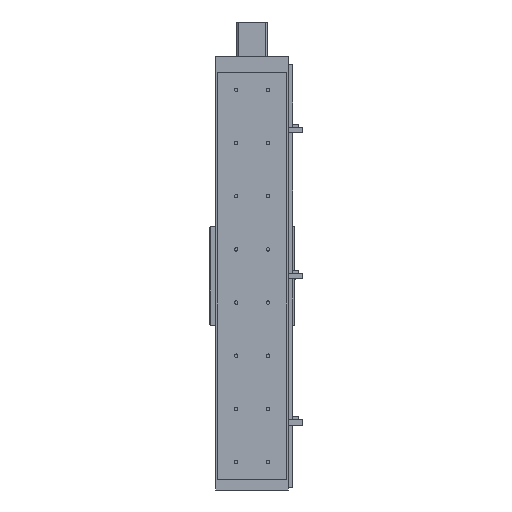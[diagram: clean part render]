
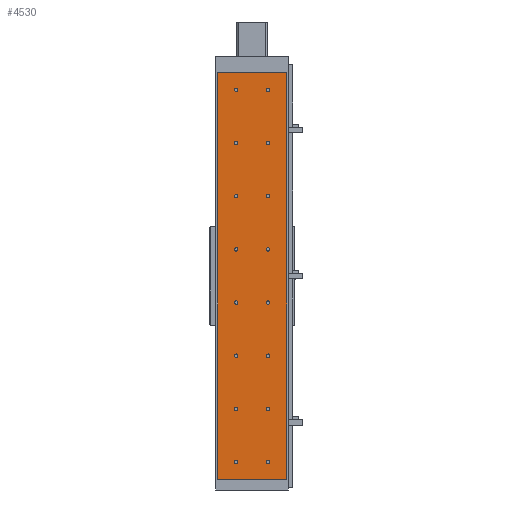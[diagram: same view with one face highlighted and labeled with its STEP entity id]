
A CAD part, front view. The second image highlights one B-rep face of the part: STEP entity #4530.
In plain terms, the highlighted planar face has unit normal (0, -1, 0).
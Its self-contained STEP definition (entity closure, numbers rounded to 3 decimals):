
#2214=CARTESIAN_POINT('',(26.75,0.0,132.5));
#2215=VERTEX_POINT('',#2214);
#2216=CARTESIAN_POINT('',(30.,0.0,132.5));
#2217=DIRECTION('',(0.0,1.0,0.0));
#2218=DIRECTION('',(1.0,0.0,0.0));
#2219=AXIS2_PLACEMENT_3D('',#2216,#2217,#2218);
#2220=CIRCLE('',#2219,3.25);
#2221=EDGE_CURVE('',#2215,#2215,#2220,.T.);
#2255=CARTESIAN_POINT('',(-33.25,0.0,132.5));
#2256=VERTEX_POINT('',#2255);
#2257=CARTESIAN_POINT('',(-30.,0.0,132.5));
#2258=DIRECTION('',(0.0,1.0,0.0));
#2259=DIRECTION('',(1.0,0.0,0.0));
#2260=AXIS2_PLACEMENT_3D('',#2257,#2258,#2259);
#2261=CIRCLE('',#2260,3.25);
#2262=EDGE_CURVE('',#2256,#2256,#2261,.T.);
#2365=CARTESIAN_POINT('',(-33.25,0.0,532.5));
#2366=VERTEX_POINT('',#2365);
#2367=CARTESIAN_POINT('',(-30.,0.0,532.5));
#2368=DIRECTION('',(0.0,1.0,0.0));
#2369=DIRECTION('',(1.0,0.0,0.0));
#2370=AXIS2_PLACEMENT_3D('',#2367,#2368,#2369);
#2371=CIRCLE('',#2370,3.25);
#2372=EDGE_CURVE('',#2366,#2366,#2371,.T.);
#2544=CARTESIAN_POINT('',(26.75,0.0,532.5));
#2545=VERTEX_POINT('',#2544);
#2546=CARTESIAN_POINT('',(30.,0.0,532.5));
#2547=DIRECTION('',(0.0,1.0,0.0));
#2548=DIRECTION('',(1.0,0.0,0.0));
#2549=AXIS2_PLACEMENT_3D('',#2546,#2547,#2548);
#2550=CIRCLE('',#2549,3.25);
#2551=EDGE_CURVE('',#2545,#2545,#2550,.T.);
#2585=CARTESIAN_POINT('',(-33.25,0.0,632.5));
#2586=VERTEX_POINT('',#2585);
#2587=CARTESIAN_POINT('',(-30.,0.0,632.5));
#2588=DIRECTION('',(0.0,1.0,0.0));
#2589=DIRECTION('',(1.0,0.0,0.0));
#2590=AXIS2_PLACEMENT_3D('',#2587,#2588,#2589);
#2591=CIRCLE('',#2590,3.25);
#2592=EDGE_CURVE('',#2586,#2586,#2591,.T.);
#2764=CARTESIAN_POINT('',(26.75,0.0,632.5));
#2765=VERTEX_POINT('',#2764);
#2766=CARTESIAN_POINT('',(30.,0.0,632.5));
#2767=DIRECTION('',(0.0,1.0,0.0));
#2768=DIRECTION('',(1.0,0.0,0.0));
#2769=AXIS2_PLACEMENT_3D('',#2766,#2767,#2768);
#2770=CIRCLE('',#2769,3.25);
#2771=EDGE_CURVE('',#2765,#2765,#2770,.T.);
#2805=CARTESIAN_POINT('',(-33.25,0.0,732.5));
#2806=VERTEX_POINT('',#2805);
#2807=CARTESIAN_POINT('',(-30.,0.0,732.5));
#2808=DIRECTION('',(0.0,1.0,0.0));
#2809=DIRECTION('',(1.0,0.0,0.0));
#2810=AXIS2_PLACEMENT_3D('',#2807,#2808,#2809);
#2811=CIRCLE('',#2810,3.25);
#2812=EDGE_CURVE('',#2806,#2806,#2811,.T.);
#2984=CARTESIAN_POINT('',(26.75,0.0,732.5));
#2985=VERTEX_POINT('',#2984);
#2986=CARTESIAN_POINT('',(30.,0.0,732.5));
#2987=DIRECTION('',(0.0,1.0,0.0));
#2988=DIRECTION('',(1.0,0.0,0.0));
#2989=AXIS2_PLACEMENT_3D('',#2986,#2987,#2988);
#2990=CIRCLE('',#2989,3.25);
#2991=EDGE_CURVE('',#2985,#2985,#2990,.T.);
#3025=CARTESIAN_POINT('',(-33.25,0.0,332.5));
#3026=VERTEX_POINT('',#3025);
#3027=CARTESIAN_POINT('',(-30.,0.0,332.5));
#3028=DIRECTION('',(0.0,1.0,0.0));
#3029=DIRECTION('',(1.0,0.0,0.0));
#3030=AXIS2_PLACEMENT_3D('',#3027,#3028,#3029);
#3031=CIRCLE('',#3030,3.25);
#3032=EDGE_CURVE('',#3026,#3026,#3031,.T.);
#3204=CARTESIAN_POINT('',(26.75,0.0,332.5));
#3205=VERTEX_POINT('',#3204);
#3206=CARTESIAN_POINT('',(30.,0.0,332.5));
#3207=DIRECTION('',(0.0,1.0,0.0));
#3208=DIRECTION('',(1.0,0.0,0.0));
#3209=AXIS2_PLACEMENT_3D('',#3206,#3207,#3208);
#3210=CIRCLE('',#3209,3.25);
#3211=EDGE_CURVE('',#3205,#3205,#3210,.T.);
#3245=CARTESIAN_POINT('',(-33.25,0.0,232.5));
#3246=VERTEX_POINT('',#3245);
#3247=CARTESIAN_POINT('',(-30.,0.0,232.5));
#3248=DIRECTION('',(0.0,1.0,0.0));
#3249=DIRECTION('',(1.0,0.0,0.0));
#3250=AXIS2_PLACEMENT_3D('',#3247,#3248,#3249);
#3251=CIRCLE('',#3250,3.25);
#3252=EDGE_CURVE('',#3246,#3246,#3251,.T.);
#3424=CARTESIAN_POINT('',(26.75,0.0,232.5));
#3425=VERTEX_POINT('',#3424);
#3426=CARTESIAN_POINT('',(30.,0.0,232.5));
#3427=DIRECTION('',(0.0,1.0,0.0));
#3428=DIRECTION('',(1.0,0.0,0.0));
#3429=AXIS2_PLACEMENT_3D('',#3426,#3427,#3428);
#3430=CIRCLE('',#3429,3.25);
#3431=EDGE_CURVE('',#3425,#3425,#3430,.T.);
#3465=CARTESIAN_POINT('',(-33.25,0.0,32.5));
#3466=VERTEX_POINT('',#3465);
#3467=CARTESIAN_POINT('',(-30.,0.0,32.5));
#3468=DIRECTION('',(0.0,1.0,0.0));
#3469=DIRECTION('',(1.0,0.0,0.0));
#3470=AXIS2_PLACEMENT_3D('',#3467,#3468,#3469);
#3471=CIRCLE('',#3470,3.25);
#3472=EDGE_CURVE('',#3466,#3466,#3471,.T.);
#3644=CARTESIAN_POINT('',(26.75,0.0,32.5));
#3645=VERTEX_POINT('',#3644);
#3646=CARTESIAN_POINT('',(30.,0.0,32.5));
#3647=DIRECTION('',(0.0,1.0,0.0));
#3648=DIRECTION('',(1.0,0.0,0.0));
#3649=AXIS2_PLACEMENT_3D('',#3646,#3647,#3648);
#3650=CIRCLE('',#3649,3.25);
#3651=EDGE_CURVE('',#3645,#3645,#3650,.T.);
#3754=CARTESIAN_POINT('',(26.75,0.0,432.5));
#3755=VERTEX_POINT('',#3754);
#3756=CARTESIAN_POINT('',(30.,0.0,432.5));
#3757=DIRECTION('',(0.0,1.0,0.0));
#3758=DIRECTION('',(1.0,0.0,0.0));
#3759=AXIS2_PLACEMENT_3D('',#3756,#3757,#3758);
#3760=CIRCLE('',#3759,3.25);
#3761=EDGE_CURVE('',#3755,#3755,#3760,.T.);
#3864=CARTESIAN_POINT('',(-33.25,0.0,432.5));
#3865=VERTEX_POINT('',#3864);
#3866=CARTESIAN_POINT('',(-30.,0.0,432.5));
#3867=DIRECTION('',(0.0,1.0,0.0));
#3868=DIRECTION('',(1.0,0.0,0.0));
#3869=AXIS2_PLACEMENT_3D('',#3866,#3867,#3868);
#3870=CIRCLE('',#3869,3.25);
#3871=EDGE_CURVE('',#3865,#3865,#3870,.T.);
#4198=CARTESIAN_POINT('',(65.0,0.0,0.0));
#4199=VERTEX_POINT('',#4198);
#4206=CARTESIAN_POINT('',(-65.0,0.0,0.0));
#4207=VERTEX_POINT('',#4206);
#4208=CARTESIAN_POINT('',(-65.0,0.0,0.0));
#4209=DIRECTION('',(1.0,0.0,0.0));
#4210=VECTOR('',#4209,130.0);
#4211=LINE('',#4208,#4210);
#4212=EDGE_CURVE('',#4207,#4199,#4211,.T.);
#4402=CARTESIAN_POINT('',(-65.0,0.0,765.0));
#4403=VERTEX_POINT('',#4402);
#4410=CARTESIAN_POINT('',(65.0,0.0,765.0));
#4411=VERTEX_POINT('',#4410);
#4412=CARTESIAN_POINT('',(65.0,0.0,765.0));
#4413=DIRECTION('',(-1.0,0.0,0.0));
#4414=VECTOR('',#4413,130.0);
#4415=LINE('',#4412,#4414);
#4416=EDGE_CURVE('',#4411,#4403,#4415,.T.);
#4439=CARTESIAN_POINT('',(-65.0,0.0,0.0));
#4440=DIRECTION('',(0.0,0.0,1.0));
#4441=VECTOR('',#4440,765.0);
#4442=LINE('',#4439,#4441);
#4443=EDGE_CURVE('',#4207,#4403,#4442,.T.);
#4461=CARTESIAN_POINT('',(65.0,0.0,0.0));
#4462=DIRECTION('',(0.0,0.0,1.0));
#4463=VECTOR('',#4462,765.0);
#4464=LINE('',#4461,#4463);
#4465=EDGE_CURVE('',#4199,#4411,#4464,.T.);
#4471=CARTESIAN_POINT('',(65.0,0.0,0.0));
#4472=DIRECTION('',(0.0,-1.0,0.0));
#4473=DIRECTION('',(0.0,0.0,-1.0));
#4474=AXIS2_PLACEMENT_3D('',#4471,#4472,#4473);
#4475=PLANE('',#4474);
#4476=ORIENTED_EDGE('',*,*,#4416,.T.);
#4477=ORIENTED_EDGE('',*,*,#4443,.F.);
#4478=ORIENTED_EDGE('',*,*,#4212,.T.);
#4479=ORIENTED_EDGE('',*,*,#4465,.T.);
#4480=EDGE_LOOP('',(#4476,#4477,#4478,#4479));
#4481=FACE_OUTER_BOUND('',#4480,.T.);
#4482=ORIENTED_EDGE('',*,*,#2221,.T.);
#4483=EDGE_LOOP('',(#4482));
#4484=FACE_BOUND('',#4483,.T.);
#4485=ORIENTED_EDGE('',*,*,#2262,.T.);
#4486=EDGE_LOOP('',(#4485));
#4487=FACE_BOUND('',#4486,.T.);
#4488=ORIENTED_EDGE('',*,*,#2372,.T.);
#4489=EDGE_LOOP('',(#4488));
#4490=FACE_BOUND('',#4489,.T.);
#4491=ORIENTED_EDGE('',*,*,#2551,.T.);
#4492=EDGE_LOOP('',(#4491));
#4493=FACE_BOUND('',#4492,.T.);
#4494=ORIENTED_EDGE('',*,*,#2592,.T.);
#4495=EDGE_LOOP('',(#4494));
#4496=FACE_BOUND('',#4495,.T.);
#4497=ORIENTED_EDGE('',*,*,#2771,.T.);
#4498=EDGE_LOOP('',(#4497));
#4499=FACE_BOUND('',#4498,.T.);
#4500=ORIENTED_EDGE('',*,*,#2812,.T.);
#4501=EDGE_LOOP('',(#4500));
#4502=FACE_BOUND('',#4501,.T.);
#4503=ORIENTED_EDGE('',*,*,#2991,.T.);
#4504=EDGE_LOOP('',(#4503));
#4505=FACE_BOUND('',#4504,.T.);
#4506=ORIENTED_EDGE('',*,*,#3032,.T.);
#4507=EDGE_LOOP('',(#4506));
#4508=FACE_BOUND('',#4507,.T.);
#4509=ORIENTED_EDGE('',*,*,#3211,.T.);
#4510=EDGE_LOOP('',(#4509));
#4511=FACE_BOUND('',#4510,.T.);
#4512=ORIENTED_EDGE('',*,*,#3252,.T.);
#4513=EDGE_LOOP('',(#4512));
#4514=FACE_BOUND('',#4513,.T.);
#4515=ORIENTED_EDGE('',*,*,#3431,.T.);
#4516=EDGE_LOOP('',(#4515));
#4517=FACE_BOUND('',#4516,.T.);
#4518=ORIENTED_EDGE('',*,*,#3472,.T.);
#4519=EDGE_LOOP('',(#4518));
#4520=FACE_BOUND('',#4519,.T.);
#4521=ORIENTED_EDGE('',*,*,#3651,.T.);
#4522=EDGE_LOOP('',(#4521));
#4523=FACE_BOUND('',#4522,.T.);
#4524=ORIENTED_EDGE('',*,*,#3761,.T.);
#4525=EDGE_LOOP('',(#4524));
#4526=FACE_BOUND('',#4525,.T.);
#4527=ORIENTED_EDGE('',*,*,#3871,.T.);
#4528=EDGE_LOOP('',(#4527));
#4529=FACE_BOUND('',#4528,.T.);
#4530=ADVANCED_FACE('',(#4481,#4484,#4487,#4490,#4493,#4496,#4499,#4502,#4505,#4508,#4511,#4514,#4517,#4520,#4523,#4526,#4529),#4475,.T.);
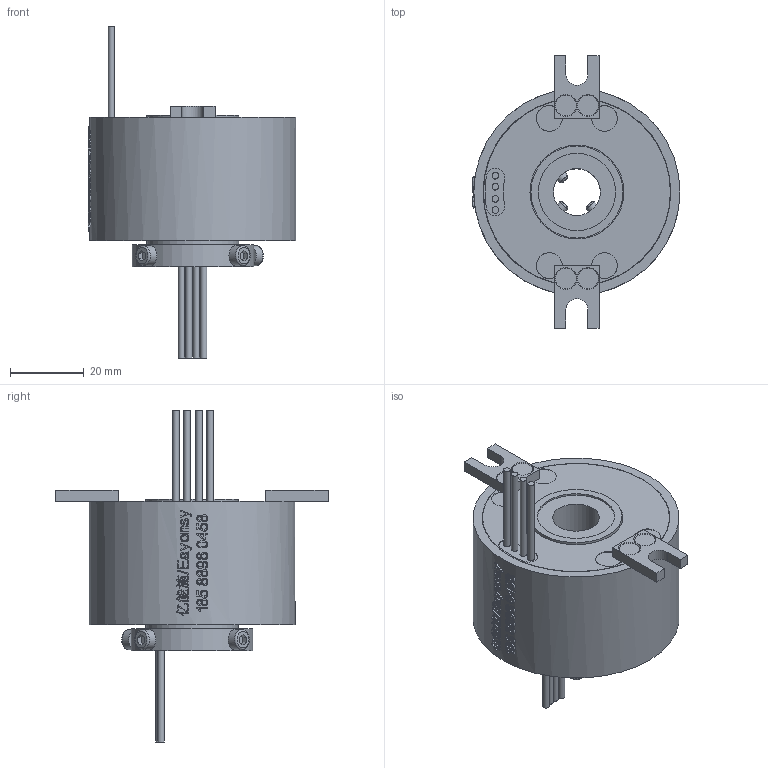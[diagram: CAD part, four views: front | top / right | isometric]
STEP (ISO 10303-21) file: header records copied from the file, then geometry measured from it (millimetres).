
FILE_DESCRIPTION(/* description */ (''),/* implementation_level */ '2;1');
FILE_NAME(/* name */ 'YDS1256-0410-3D模型.stp',/* time_stamp */ '2025-09-03T18:13:48+08:00',/* author */ (''),/* organization */ (''),/* preprocessor_version */ 'ST-DEVELOPER v16.7',/* originating_system */ 'SIEMENS PLM Software NX 12.0',/* authorisation */ '');
FILE_SCHEMA (('AUTOMOTIVE_DESIGN { 1 0 10303 214 3 1 1 1 }'));
Length unit declared in the file: millimetre
Products named in the file (1): Admi57E0E5BE09au
Bounding box: 56.5 x 74 x 90.2 mm (x, y, z)
Volume: 84905.1 mm3; surface area: 18111.6 mm2
Topology: 1 solids, 3 shells, 930 faces, 2486 edges, 1651 vertices
Faces by surface type: extrusion 479, plane 329, cylinder 77, bspline 33, cone 8, torus 4
Full cylindrical faces by diameter (mm): 1.8 x8, 2.5 x2, 2.6 x1, 3 x11, 5.5 x4, 7 x8, 12.7 x1, 21 x1, 25 x2, 25.5 x2, 28 x2, 28.1 x2, 33 x1, 50.8 x2, 51 x2, 56 x1
Entity records: 37952 total; most frequent: CARTESIAN_POINT 18519, ORIENTED_EDGE 4796, EDGE_CURVE 2398, B_SPLINE_CURVE_WITH_KNOTS 2305, DIRECTION 2177, VERTEX_POINT 1625, EDGE_LOOP 1095, ADVANCED_FACE 930

-*-

AIM OF THE TASK: Look back at the data above. Transcribe exactly the lines starting at the line that contains "#4497=ORIENTED_EDGE('',*,*,#2771,.T.);" and ending at the line that contains "#4525=EDGE_LOOP('',(#4524));".

ANSWER FOR THE TASK:
#4497=ORIENTED_EDGE('',*,*,#2771,.T.);
#4498=EDGE_LOOP('',(#4497));
#4499=FACE_BOUND('',#4498,.T.);
#4500=ORIENTED_EDGE('',*,*,#2812,.T.);
#4501=EDGE_LOOP('',(#4500));
#4502=FACE_BOUND('',#4501,.T.);
#4503=ORIENTED_EDGE('',*,*,#2991,.T.);
#4504=EDGE_LOOP('',(#4503));
#4505=FACE_BOUND('',#4504,.T.);
#4506=ORIENTED_EDGE('',*,*,#3032,.T.);
#4507=EDGE_LOOP('',(#4506));
#4508=FACE_BOUND('',#4507,.T.);
#4509=ORIENTED_EDGE('',*,*,#3211,.T.);
#4510=EDGE_LOOP('',(#4509));
#4511=FACE_BOUND('',#4510,.T.);
#4512=ORIENTED_EDGE('',*,*,#3252,.T.);
#4513=EDGE_LOOP('',(#4512));
#4514=FACE_BOUND('',#4513,.T.);
#4515=ORIENTED_EDGE('',*,*,#3431,.T.);
#4516=EDGE_LOOP('',(#4515));
#4517=FACE_BOUND('',#4516,.T.);
#4518=ORIENTED_EDGE('',*,*,#3472,.T.);
#4519=EDGE_LOOP('',(#4518));
#4520=FACE_BOUND('',#4519,.T.);
#4521=ORIENTED_EDGE('',*,*,#3651,.T.);
#4522=EDGE_LOOP('',(#4521));
#4523=FACE_BOUND('',#4522,.T.);
#4524=ORIENTED_EDGE('',*,*,#3761,.T.);
#4525=EDGE_LOOP('',(#4524));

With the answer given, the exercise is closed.